EXERCISE DIRECTIONS: What you return must be the exact lines of the material below, from the first through the one that has "FILE_DESCRIPTION(/* description */", with no pictures and, please, nothing else.

━━━━━━━━━━

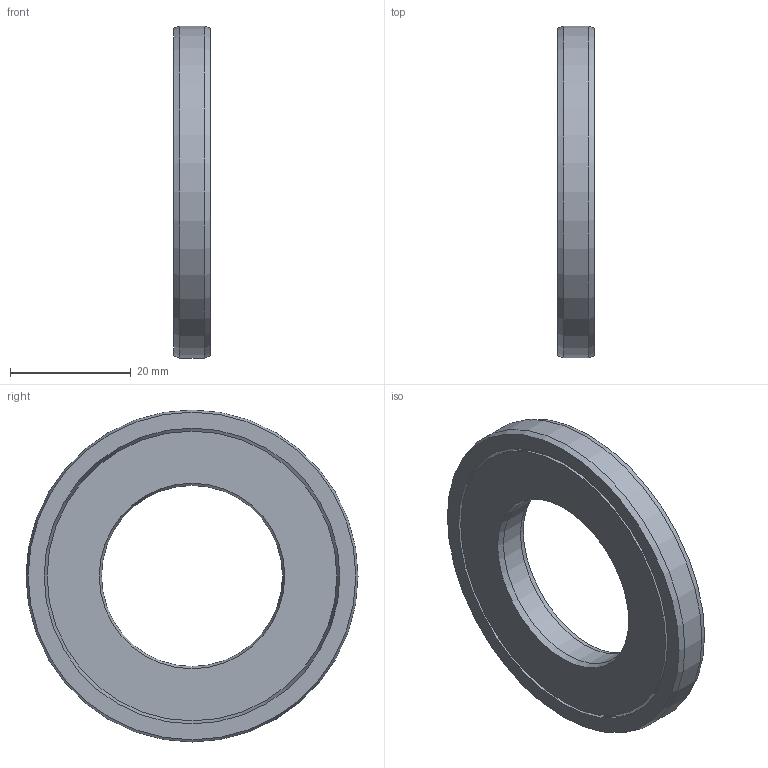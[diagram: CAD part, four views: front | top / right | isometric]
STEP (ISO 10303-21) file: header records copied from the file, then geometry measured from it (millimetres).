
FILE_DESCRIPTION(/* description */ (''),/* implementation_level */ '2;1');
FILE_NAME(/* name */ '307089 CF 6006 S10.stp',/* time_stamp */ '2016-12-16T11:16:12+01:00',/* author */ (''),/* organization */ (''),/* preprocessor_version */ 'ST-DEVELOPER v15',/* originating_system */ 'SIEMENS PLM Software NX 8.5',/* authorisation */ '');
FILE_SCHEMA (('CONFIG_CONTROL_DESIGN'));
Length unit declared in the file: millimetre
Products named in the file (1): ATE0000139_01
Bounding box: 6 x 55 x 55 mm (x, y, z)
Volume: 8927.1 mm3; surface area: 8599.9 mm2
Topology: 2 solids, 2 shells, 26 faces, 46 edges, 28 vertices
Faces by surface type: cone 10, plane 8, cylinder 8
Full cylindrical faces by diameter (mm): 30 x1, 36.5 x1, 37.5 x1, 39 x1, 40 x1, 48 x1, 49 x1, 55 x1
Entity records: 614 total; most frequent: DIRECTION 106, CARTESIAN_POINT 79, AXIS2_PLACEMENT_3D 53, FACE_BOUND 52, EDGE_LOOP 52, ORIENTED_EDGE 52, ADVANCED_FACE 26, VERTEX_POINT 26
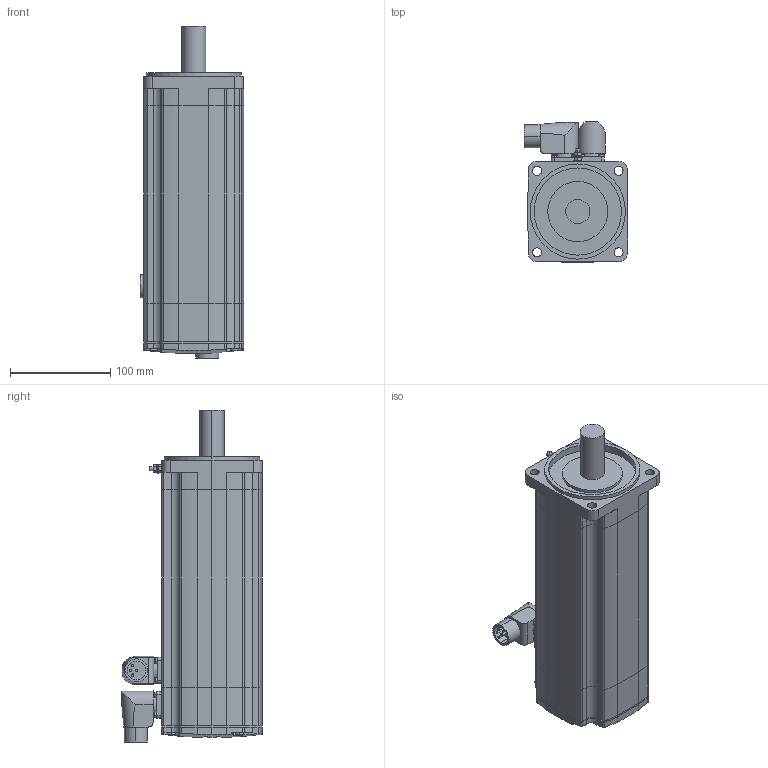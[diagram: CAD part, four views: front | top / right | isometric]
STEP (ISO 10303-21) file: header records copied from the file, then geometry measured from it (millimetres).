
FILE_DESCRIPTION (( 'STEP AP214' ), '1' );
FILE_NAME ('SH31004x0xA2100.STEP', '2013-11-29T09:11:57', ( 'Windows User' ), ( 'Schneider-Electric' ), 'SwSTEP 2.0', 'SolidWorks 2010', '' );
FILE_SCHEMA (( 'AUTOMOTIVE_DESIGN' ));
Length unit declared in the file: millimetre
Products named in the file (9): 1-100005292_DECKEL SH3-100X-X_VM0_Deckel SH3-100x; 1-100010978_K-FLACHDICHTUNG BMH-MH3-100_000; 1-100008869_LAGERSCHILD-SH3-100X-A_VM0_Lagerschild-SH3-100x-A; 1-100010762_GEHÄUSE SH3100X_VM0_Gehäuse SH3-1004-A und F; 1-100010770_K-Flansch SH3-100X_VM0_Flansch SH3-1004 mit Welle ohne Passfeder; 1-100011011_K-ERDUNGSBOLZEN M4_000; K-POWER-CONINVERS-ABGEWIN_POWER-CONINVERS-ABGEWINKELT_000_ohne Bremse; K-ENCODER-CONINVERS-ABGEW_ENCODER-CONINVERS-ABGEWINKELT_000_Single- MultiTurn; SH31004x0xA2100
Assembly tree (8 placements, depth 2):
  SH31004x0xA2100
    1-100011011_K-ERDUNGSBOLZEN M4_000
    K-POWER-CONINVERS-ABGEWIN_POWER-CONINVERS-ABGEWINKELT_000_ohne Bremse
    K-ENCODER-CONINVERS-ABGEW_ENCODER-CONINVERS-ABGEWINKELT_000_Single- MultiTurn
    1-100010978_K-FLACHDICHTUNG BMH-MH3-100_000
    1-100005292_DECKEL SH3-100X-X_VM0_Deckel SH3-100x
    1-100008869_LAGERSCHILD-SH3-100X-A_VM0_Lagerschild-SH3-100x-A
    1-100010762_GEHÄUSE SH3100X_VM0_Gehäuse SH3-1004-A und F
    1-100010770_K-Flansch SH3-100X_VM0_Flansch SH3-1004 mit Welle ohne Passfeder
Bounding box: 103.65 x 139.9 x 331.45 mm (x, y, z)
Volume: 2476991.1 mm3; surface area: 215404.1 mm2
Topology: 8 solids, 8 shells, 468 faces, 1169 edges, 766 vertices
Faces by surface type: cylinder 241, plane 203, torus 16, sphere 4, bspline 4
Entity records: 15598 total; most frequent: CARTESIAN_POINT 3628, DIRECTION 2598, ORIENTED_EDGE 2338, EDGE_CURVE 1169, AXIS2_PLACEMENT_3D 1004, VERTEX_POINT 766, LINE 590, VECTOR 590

━━━━━━━━━━

RESPONSE BELOW:
[diagram: CAD part, four views: front | top / right | isometric]
STEP (ISO 10303-21) file: header records copied from the file, then geometry measured from it (millimetres).
FILE_DESCRIPTION(/* description */ (''),/* implementation_level */ '2;1');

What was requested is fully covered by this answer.